Fear that makes people speak and act in haste, say and do things that they never would have if they weren’t tired and afraid and on the defensive. Friends and family members find themselves at odds and become vocal because everyone has been scrubbed so raw by verbal vitriol that we’re all walking nerve endings and it doesn’t take much to sting and hurt.
And thanks to social media, you can find yourself defending a position you don’t really believe in because you expressed it in public, in writing, at some point when you were tired or scared or both.
I find myself again, this campaign year, holding out for it to be over – and I’m not alone. I hear that same sentiment reflected back wherever I go: “I just wanted to be over.” “Is it November 9 yet?” As if we could get back to the business of being normal, ordinary, decent people in a vibrant free society once the election is over.

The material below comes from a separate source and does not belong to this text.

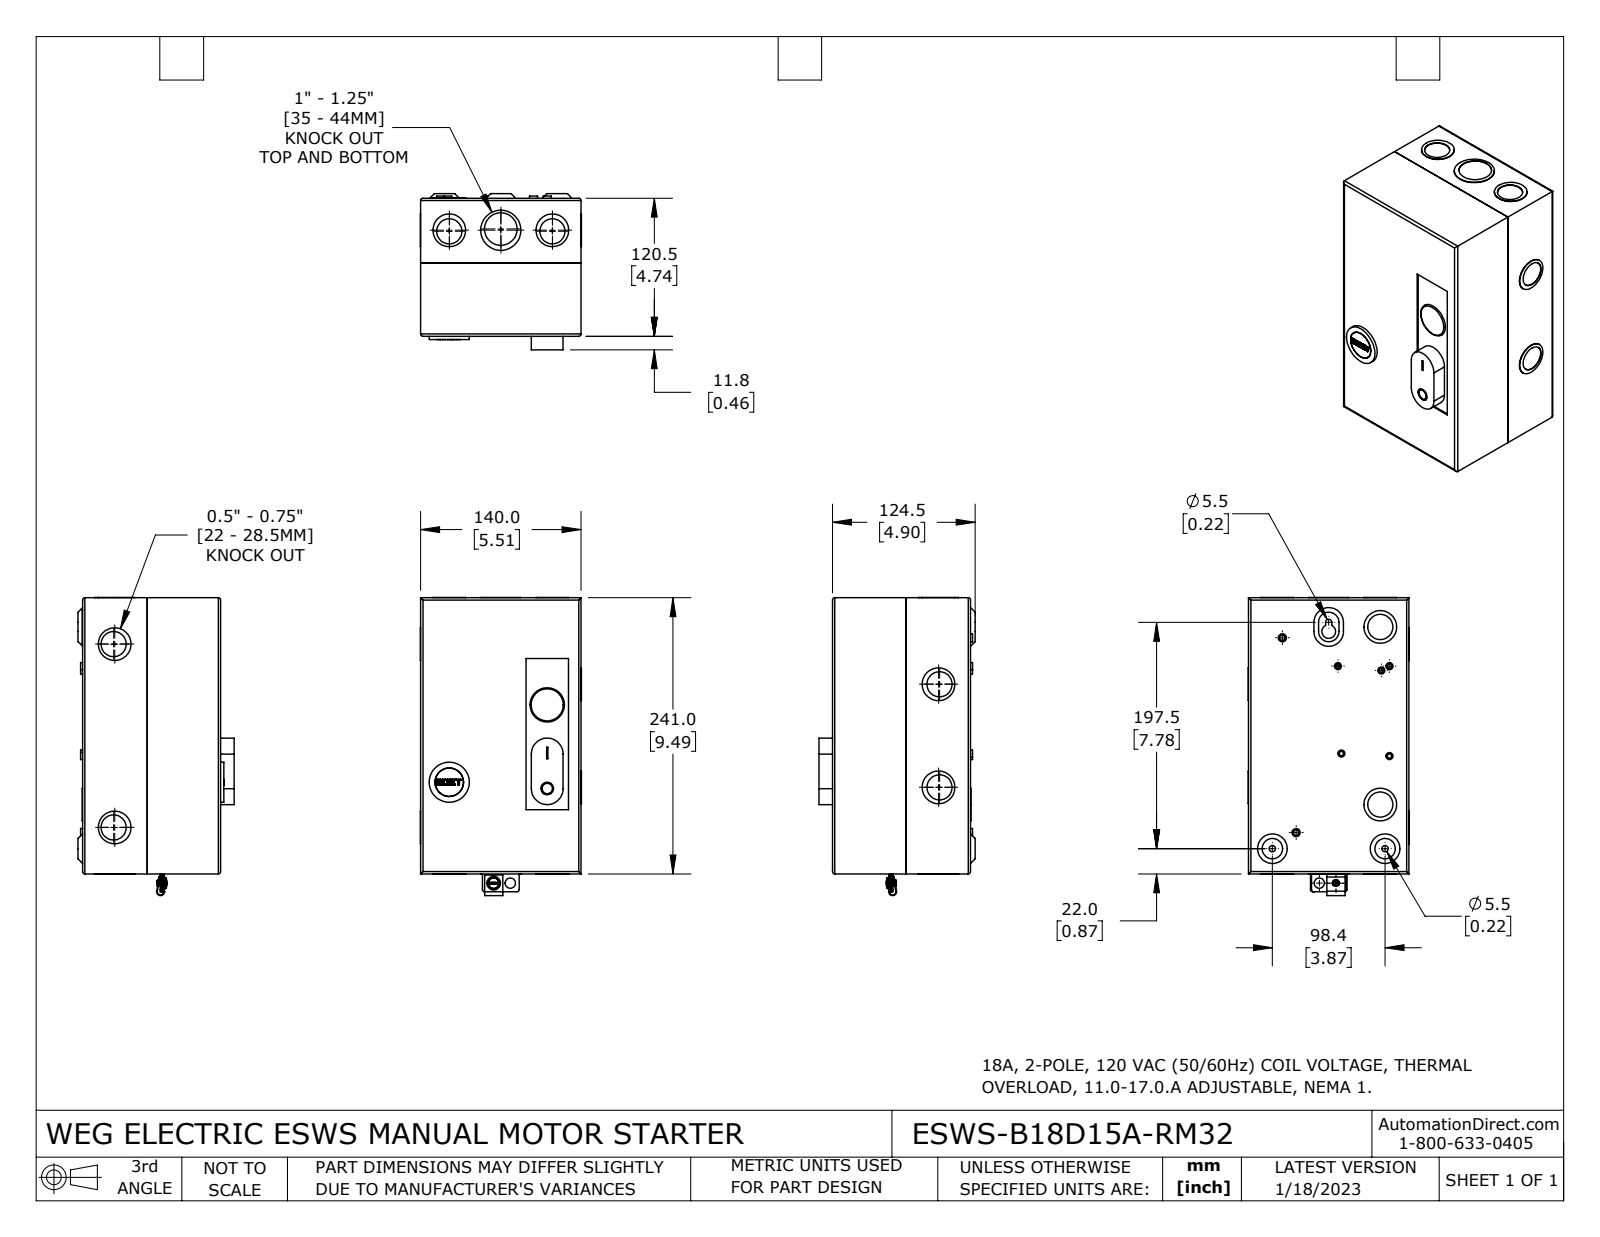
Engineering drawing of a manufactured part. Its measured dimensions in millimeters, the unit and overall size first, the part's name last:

What does it say about us that we have so let our system of “government” devolve to the place that it barely matters which presidential candidate wins the election because we just want it to be over? Or, better yet, we want someone to save us? Because, ultimately, we have no faith that any of the people who are poised to govern us and serve the public good will actually be doing that.
In reality, it isn’t about politics or the issues or serving the public good ~ it hasn’t been for a long time. It’s about the insidious and subtle erosion of those virtues that our parents taught us and that we try to teach our children: honesty, integrity, respect, and responsibility; the importance of compassion tolerance, and empathy; and of being contributing members of our communities. Or even common courtesy or just plain human decency.
Unless you’re a sociopath you have a conscience. You have one for a reason. Listen to it.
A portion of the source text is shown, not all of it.